A história do Brasil com os transgênicos começa em 1995, quando, por meio da aprovação da Lei de Biossegurança, foi permitido o cultivo de plantas geneticamente modificadas em caráter experimental.

Em 1998, a Comissão Técnica Nacional de Biossegurança (CTNBio), autorizou o cultivo da soja modificada Roundup Ready, da Monsanto, para venda ao público. Junto a ela, veio o agrotóxico chamado Roundup, mais conhecido como glifosfato. Em 2000, a 6ª Vara da Justiça Federal proibiu a comercialização da soja transgênica da Monsanto condicionando uma nova liberação à apresentação de Estudos de Impacto Ambiental (EIA/RIMA). A empresa nunca apresentou e a soja passou a ser proibida.

Aprovações flexibilizadas

As aprovações dos transgênicos passaram a ser a cada vez mais flexibilizadas. Tudo começou com o fato consumado do plantio, havia uma plantação ilegal de sementes transgênicas, mas que precisava ser colhida. Este episódio não só permitiu a colheita, como também permitiu a atualização da Lei de Biossegurança, que, segundo ruralistas, apresentava defeitos.

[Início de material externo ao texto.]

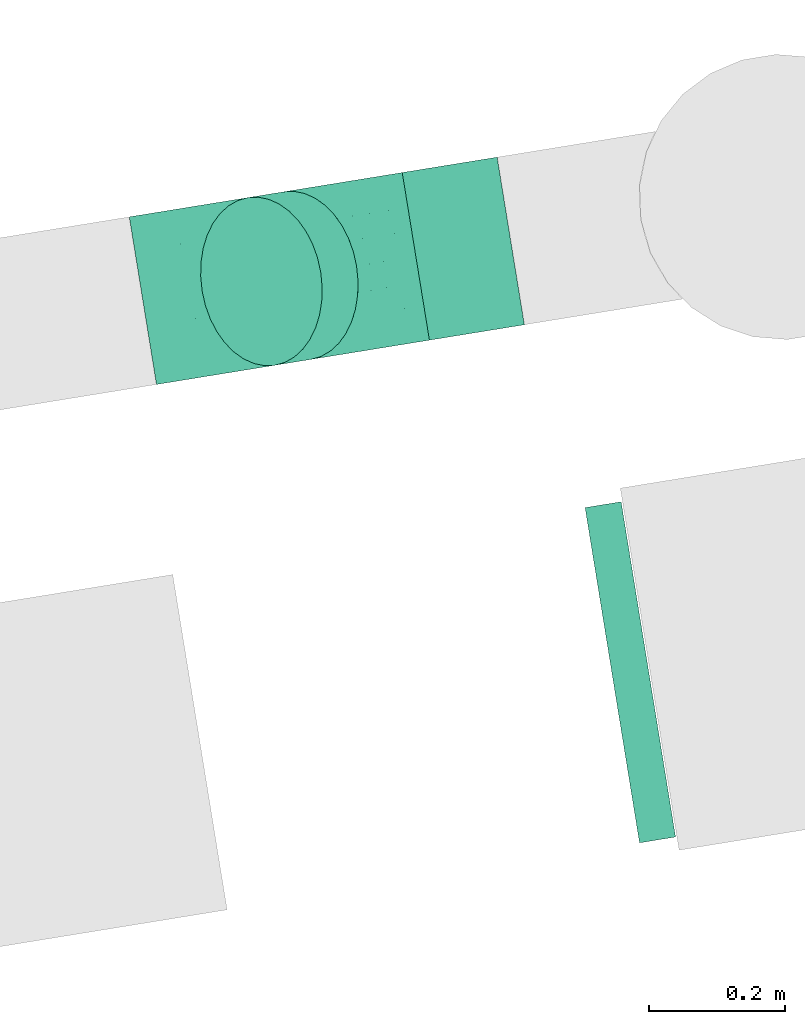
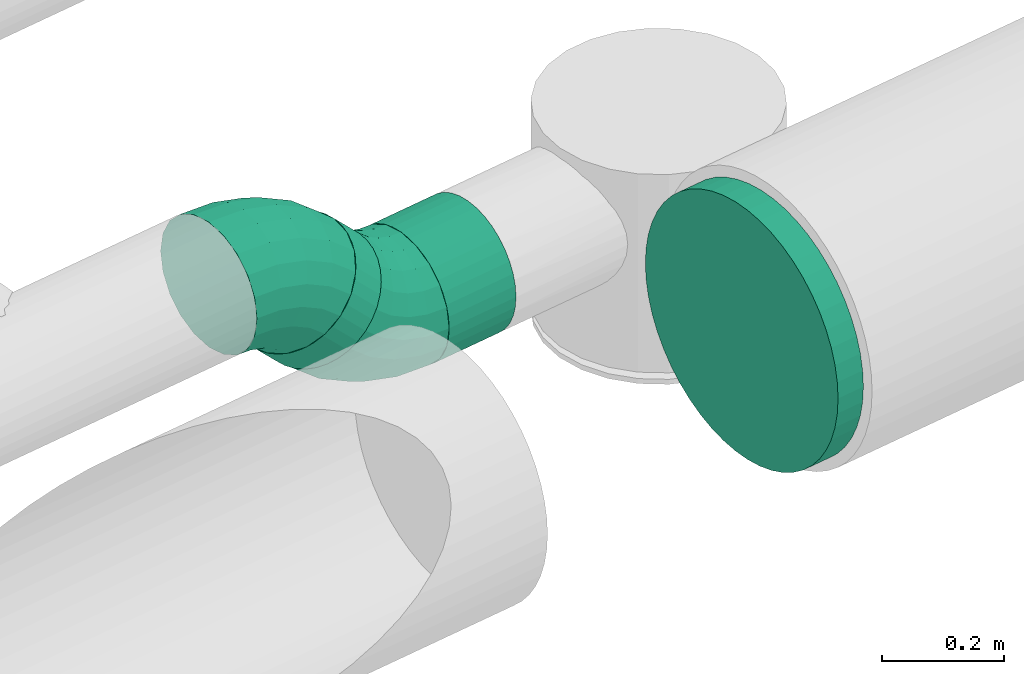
# One storey, part 19 of 39: 3 flow segments, 2 flow fittings.
"""IFC2X3 building model written with IfcOpenShell, lengths in millimetres."""

from ifc_helpers import new_model, entity, si_unit, converted_unit, derived_unit, direction, frame, frame_2d, origin, origin_with_axes, origin_2d_with_axis, place, context, subcontext, project, spatial, circle, extrude, faceted_brep, source, transform, mapped, material, type_object, element, save


model = new_model("IFC2X3")

# Units and contexts
model_context = context("Model", 3, precision=0.01, world=origin(), true_north=direction((6.12323399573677e-17, 1.0)))
plan_context = context("Plan", 3, precision=1e-05, world=origin_with_axes())
body_context = subcontext(model_context, "Body", "Model", "MODEL_VIEW")
ifc_project = project(units=[converted_unit("PLANEANGLEUNIT", "DEGREE", entity("IfcPositiveLengthMeasure", 0.0174532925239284), si_unit("PLANEANGLEUNIT", "RADIAN"), dimensions=[0, 0, 0, 0, 0, 0, 0]), si_unit("AREAUNIT", "SQUARE_METRE"), si_unit("LENGTHUNIT", "METRE", prefix="MILLI"), si_unit("MASSUNIT", "GRAM", prefix="KILO"), si_unit("POWERUNIT", "WATT"), si_unit("PRESSUREUNIT", "PASCAL", prefix="KILO"), si_unit("FORCEUNIT", "NEWTON", prefix="KILO"), si_unit("ELECTRICVOLTAGEUNIT", "VOLT"), si_unit("ELECTRICCURRENTUNIT", "AMPERE"), si_unit("THERMODYNAMICTEMPERATUREUNIT", "DEGREE_CELSIUS"), si_unit("TIMEUNIT", "SECOND"), si_unit("VOLUMEUNIT", "CUBIC_METRE"), derived_unit("LINEARVELOCITYUNIT", [(si_unit("LENGTHUNIT", "METRE"), 1), (si_unit("TIMEUNIT", "SECOND"), -1)]), derived_unit("VOLUMETRICFLOWRATEUNIT", [(si_unit("VOLUMEUNIT", "CUBIC_METRE"), 1), (si_unit("TIMEUNIT", "SECOND"), -1)]), derived_unit("THERMALTRANSMITTANCEUNIT", [(si_unit("POWERUNIT", "WATT"), 1), (si_unit("THERMODYNAMICTEMPERATUREUNIT", "KELVIN"), -1), (si_unit("AREAUNIT", "SQUARE_METRE"), -1)]), derived_unit("SOUNDPRESSUREUNIT", [(si_unit("PRESSUREUNIT", "PASCAL"), 1)])], contexts=[model_context, plan_context])

# Site, building, storey
site_placement = place(None, frame((-0.00071070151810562, 0.00438415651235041, 0.0), z_axis=(0.0, 0.0, 1.0), x_axis=(-0.160236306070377, 0.987078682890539, 0.0)))
site = spatial("IfcSite", under=ifc_project, at=site_placement, Name="Default", CompositionType="ELEMENT")
building_placement = place(site_placement, origin_with_axes())
building = spatial("IfcBuilding", under=site, at=building_placement, CompositionType="ELEMENT")
storey_placement = place(building_placement, frame((0.0, 0.0, 50999.9999999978), z_axis=(0.0, 0.0, 1.0), x_axis=(1.0, 0.0, 0.0)))
storey = spatial("IfcBuildingStorey", under=building, at=storey_placement, Name="Nivå D", CompositionType="ELEMENT", Elevation=50999.9999999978)

# Flow fittings
ifc_material = material(Name="<Unnamed>")
duct_fitting_type = type_object("IfcDuctFittingType", Name="magicirc_elbow_full_radius_1:magicirc_elbow_full_radius_001", PredefinedType="NOTDEFINED", material=ifc_material)
shared_shape = source(origin(), body_context, "Body", "Brep", [
    faceted_brep([(-30.3945198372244, -117.794480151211, 0.0), (-31.5880698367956, -111.79409910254, 38.6271242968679), (-103.553390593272, -118.882064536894, 38.6271242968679), (-103.553390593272, -125.0, 0.0), (-35.0518868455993, -94.3803150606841, 73.4731565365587), (-103.553390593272, -101.127124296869, 73.4731565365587), (-40.4469083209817, -67.2577105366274, 101.127124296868), (-103.553390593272, -73.4731565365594, 101.127124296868), (-47.2450319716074, -33.0812350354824, 118.882064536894), (-103.553390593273, -38.6271242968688, 118.882064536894), (-54.7808100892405, 4.80367989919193, 125.0), (-103.553390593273, 0.0, 125.0), (-62.3165882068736, 42.6885948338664, 118.882064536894), (-103.553390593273, 38.6271242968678, 118.882064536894), (-69.1147118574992, 76.8650703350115, 101.127124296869), (-103.553390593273, 73.4731565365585, 101.127124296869), (-74.5097333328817, 103.987674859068, 73.4731565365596), (-103.553390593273, 101.127124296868, 73.4731565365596), (-77.9735503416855, 121.401458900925, 38.6271242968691), (-103.553390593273, 118.882064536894, 38.6271242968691), (-79.1671003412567, 127.401839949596, 0.0), (-103.553390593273, 125.0, 0.0), (-77.9735503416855, 121.401458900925, -38.6271242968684), (-103.553390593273, 118.882064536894, -38.6271242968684), (-74.5097333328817, 103.987674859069, -73.473156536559), (-103.553390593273, 101.127124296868, -73.473156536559), (-69.1147118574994, 76.8650703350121, -101.127124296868), (-103.553390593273, 73.4731565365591, -101.127124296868), (-62.3165882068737, 42.6885948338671, -118.882064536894), (-103.553390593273, 38.6271242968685, -118.882064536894), (-54.7808100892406, 4.80367989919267, -125.0), (-103.553390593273, 0.0, -125.0), (-47.2450319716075, -33.0812350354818, -118.882064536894), (-103.553390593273, -38.6271242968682, -118.882064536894), (-40.4469083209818, -67.2577105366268, -101.127124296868), (-103.553390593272, -73.4731565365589, -101.127124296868), (-35.0518868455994, -94.3803150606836, -73.4731565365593), (-103.553390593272, -101.127124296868, -73.4731565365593), (-31.5880698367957, -111.79409910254, -38.6271242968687), (-103.553390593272, -118.882064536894, -38.6271242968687), (39.952896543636, -96.4548246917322, 0.0), (37.6116640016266, -90.8025893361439, 38.6271242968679), (30.8171425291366, -74.3991634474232, 73.4731565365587), (20.2344272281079, -48.8502286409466, 101.127124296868), (6.89942800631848, -16.656692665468, 118.882064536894), (-7.88253250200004, 19.030116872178, 125.0), (-22.6644930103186, 54.7169264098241, 118.882064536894), (-35.9994922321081, 86.9104623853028, 101.127124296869), (-46.5822075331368, 112.45939719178, 73.4731565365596), (-53.376729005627, 128.862823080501, 38.6271242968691), (-55.7179615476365, 134.515058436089, 0.0), (-53.3767290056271, 128.862823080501, -38.6271242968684), (-46.582207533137, 112.45939719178, -73.473156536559), (-35.9994922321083, 86.9104623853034, -101.127124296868), (-22.6644930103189, 54.7169264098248, -118.882064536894), (-7.88253250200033, 19.0301168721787, -125.0), (6.89942800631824, -16.6566926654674, -118.882064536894), (20.2344272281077, -48.8502286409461, -101.127124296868), (30.8171425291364, -74.3991634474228, -73.4731565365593), (37.6116640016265, -90.8025893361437, -38.6271242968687), (104.785446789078, -61.801104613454, 0.0), (101.386503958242, -56.7142271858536, 38.6271242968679), (91.5223876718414, -41.9515339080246, 73.4731565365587), (76.1586663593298, -18.9581000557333, 101.127124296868), (56.7992481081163, 10.0153168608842, 118.882064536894), (35.3391676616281, 42.1325969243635, 125.0), (13.8790872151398, 74.2498769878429, 118.882064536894), (-5.48033103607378, 103.22329390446, 101.127124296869), (-20.8440523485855, 126.216727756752, 73.4731565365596), (-30.7081686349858, 140.979421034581, 38.6271242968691), (-34.1071114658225, 146.066298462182, 0.0), (-30.7081686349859, 140.979421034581, -38.6271242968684), (-20.8440523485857, 126.216727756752, -73.473156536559), (-5.48033103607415, 103.223293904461, -101.127124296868), (13.8790872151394, 74.2498769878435, -118.882064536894), (35.3391676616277, 42.1325969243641, -125.0), (56.799248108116, 10.0153168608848, -118.882064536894), (76.1586663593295, -18.9581000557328, -101.127124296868), (91.5223876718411, -41.9515339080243, -73.4731565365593), (101.386503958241, -56.7142271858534, -38.6271242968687), (161.611652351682, -15.1650429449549, 0.0), (157.285618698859, -10.8390092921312, 38.6271242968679), (144.730980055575, 1.7156293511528, 73.4731565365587), (125.176671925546, 21.2699374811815, 101.127124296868), (100.536806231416, 45.9098031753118, 118.882064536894), (73.2233047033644, 73.223304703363, 125.0), (45.9098031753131, 100.536806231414, 118.882064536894), (21.2699374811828, 125.176671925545, 101.127124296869), (1.71562935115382, 144.730980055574, 73.4731565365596), (-10.8390092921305, 157.285618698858, 38.6271242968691), (-15.1650429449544, 161.611652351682, 0.0), (-10.8390092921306, 157.285618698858, -38.6271242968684), (1.71562935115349, 144.730980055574, -73.473156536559), (21.2699374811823, 125.176671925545, -101.127124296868), (45.9098031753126, 100.536806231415, -118.882064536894), (73.2233047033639, 73.2233047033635, -125.0), (100.536806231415, 45.9098031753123, -118.882064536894), (125.176671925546, 21.269937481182, -101.127124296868), (144.730980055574, 1.71562935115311, -73.4731565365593), (157.285618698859, -10.8390092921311, -38.6271242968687)], [[[0, 1, 2, 3]], [[1, 4, 5, 2]], [[4, 6, 7, 5]], [[6, 8, 9, 7]], [[8, 10, 11, 9]], [[10, 12, 13, 11]], [[12, 14, 15, 13]], [[14, 16, 17, 15]], [[16, 18, 19, 17]], [[18, 20, 21, 19]], [[20, 22, 23, 21]], [[22, 24, 25, 23]], [[24, 26, 27, 25]], [[26, 28, 29, 27]], [[28, 30, 31, 29]], [[30, 32, 33, 31]], [[32, 34, 35, 33]], [[34, 36, 37, 35]], [[36, 38, 39, 37]], [[38, 0, 3, 39]], [[40, 41, 1, 0]], [[41, 42, 4, 1]], [[42, 43, 6, 4]], [[43, 44, 8, 6]], [[44, 45, 10, 8]], [[45, 46, 12, 10]], [[46, 47, 14, 12]], [[47, 48, 16, 14]], [[48, 49, 18, 16]], [[49, 50, 20, 18]], [[50, 51, 22, 20]], [[51, 52, 24, 22]], [[52, 53, 26, 24]], [[53, 54, 28, 26]], [[54, 55, 30, 28]], [[55, 56, 32, 30]], [[56, 57, 34, 32]], [[57, 58, 36, 34]], [[58, 59, 38, 36]], [[59, 40, 0, 38]], [[60, 61, 41, 40]], [[61, 62, 42, 41]], [[62, 63, 43, 42]], [[63, 64, 44, 43]], [[64, 65, 45, 44]], [[65, 66, 46, 45]], [[66, 67, 47, 46]], [[67, 68, 48, 47]], [[68, 69, 49, 48]], [[69, 70, 50, 49]], [[70, 71, 51, 50]], [[71, 72, 52, 51]], [[72, 73, 53, 52]], [[73, 74, 54, 53]], [[74, 75, 55, 54]], [[75, 76, 56, 55]], [[76, 77, 57, 56]], [[77, 78, 58, 57]], [[78, 79, 59, 58]], [[79, 60, 40, 59]], [[80, 81, 61, 60]], [[81, 82, 62, 61]], [[82, 83, 63, 62]], [[83, 84, 64, 63]], [[84, 85, 65, 64]], [[85, 86, 66, 65]], [[86, 87, 67, 66]], [[87, 88, 68, 67]], [[88, 89, 69, 68]], [[89, 90, 70, 69]], [[90, 91, 71, 70]], [[91, 92, 72, 71]], [[92, 93, 73, 72]], [[93, 94, 74, 73]], [[94, 95, 75, 74]], [[95, 96, 76, 75]], [[96, 97, 77, 76]], [[97, 98, 78, 77]], [[98, 99, 79, 78]], [[99, 80, 60, 79]], [[3, 2, 5, 7, 9, 11, 13, 15, 17, 19, 21, 23, 25, 27, 29, 31, 33, 35, 37, 39]], [[99, 98, 97, 96, 95, 94, 93, 92, 91, 90, 89, 88, 87, 86, 85, 84, 83, 82, 81, 80]]]),
])
for number, where, z_axis, x_axis, name in (
    (1, (773669.47928963, -597915.985577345, 3110.0), (1.0, 0.0, 0.0), (0.0, 1.0, 0.0), "magicirc_elbow_full_radius_1:magicirc_elbow_full_radius_001"),
    (2, (773669.479289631, -597715.985577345, 3310.0), (-1.0, 9.81307786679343e-18, 9.81307786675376e-18), (1.38777878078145e-17, 0.707106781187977, 0.707106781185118), "magicirc_elbow_full_radius_1:magicirc_elbow_full_radius_001"),
):
    element("IfcFlowFitting", number, at=place(storey_placement, frame(where, z_axis=z_axis, x_axis=x_axis)), inside=storey, type_object=duct_fitting_type, material=ifc_material, Name=name, ObjectType="magicirc_elbow_full_radius_1:magicirc_elbow_full_radius_001", context=body_context, shape_type="MappedRepresentation", body=[
        mapped(shared_shape, transform((0.0, 0.0, 0.0), scale=1.0)),
    ])

# Flow segments
duct_segment_type = type_object("IfcDuctSegmentType", Name="Round Duct:KK001T - Spiro kanaler, Forsinket stål", PredefinedType="NOTDEFINED")
flow_segment_1_placement = place(storey_placement, origin_with_axes())
element("IfcFlowSegment", 3, at=flow_segment_1_placement, inside=storey, type_object=duct_segment_type, Name="Round Duct:KK001T - Spiro kanaler, Forsinket stål", ObjectType="Round Duct:KK001T - Spiro kanaler, Forsinket stål", context=body_context, shape_type="SweptSolid", body=[
    extrude(circle(Radius=250.0, at=origin_2d_with_axis()), frame((773014.47928963, -598259.980498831, 3310.0), z_axis=(0.0, 1.0, 0.0), x_axis=(-1.0, 0.0, 0.0)), (0.0, 0.0, 1.0), 53.7499999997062),
])
flow_segment_2_placement = place(storey_placement, origin_with_axes())
element("IfcFlowSegment", 4, at=flow_segment_2_placement, inside=storey, type_object=duct_segment_type, Name="Round Duct:KK001T - Spiro kanaler, Forsinket stål", ObjectType="Round Duct:KK001T - Spiro kanaler, Forsinket stål", context=body_context, shape_type="SweptSolid", body=[
    extrude(circle(Radius=125.0, at=origin_2d_with_axis()), frame((773669.47928963, -598161.117966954, 3110.0), z_axis=(0.0, 1.0, 0.0), x_axis=(1.0, 0.0, 0.0)), (0.0, 0.0, 1.0), 141.578999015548),
])
flow_segment_3_placement = place(storey_placement, origin_with_axes())
element("IfcFlowSegment", 5, at=flow_segment_3_placement, inside=storey, type_object=duct_segment_type, Name="Round Duct:KK001T - Spiro kanaler, Forsinket stål", ObjectType="Round Duct:KK001T - Spiro kanaler, Forsinket stål", context=body_context, shape_type="SweptSolid", body=[
    extrude(circle(Radius=125.0, at=frame_2d((1.27743847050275e-24, -6.12562152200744e-12), x_axis=(1.0, 0.0))), frame((773669.47928963, -597842.762272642, 3183.22330470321), z_axis=(0.0, 0.707106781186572, 0.707106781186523), x_axis=(-1.0, 0.0, 0.0)), (0.0, 0.0, 1.0), 75.7359312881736),
])

save(model, "model.ifc")

“O principal ‘defeito’ era a atuação do Instituto Brasileiro do Meio Ambiente e dos Recursos Naturais Renováveis (Ibama) e da Agência Nacional de Vigilância Sanitária (Anvisa). Uma das principais atribuições do Ibama, por exemplo, era exigir um relatório com avaliação do impacto ambiental de cada planta ou animal geneticamente modificado. A partir daí, o órgão emitia o parecer que subsidiava o Ministério da Agricultura, responsável pelo registro e fiscalização de sementes e animais transgênicos. Mas a nova Lei de Biossegurança interrompeu esse processo e esvaziou o papel do MMA, ao determinar que os aspectos da legislação ambiental não são aplicáveis à engenharia genética. Ao mesmo tempo, o governo fortaleceu a Comissão Técnica Nacional de Biossegurança (CTNBio), criada em 2005, também pela nova Lei de Biossegurança”, explica o texto que informa ainda que, com a nova lei, a CTNBio passou a ter totais poderes sobre a aprovação destas substâncias, que passaram a ser feitas de maneiras aligeiradas.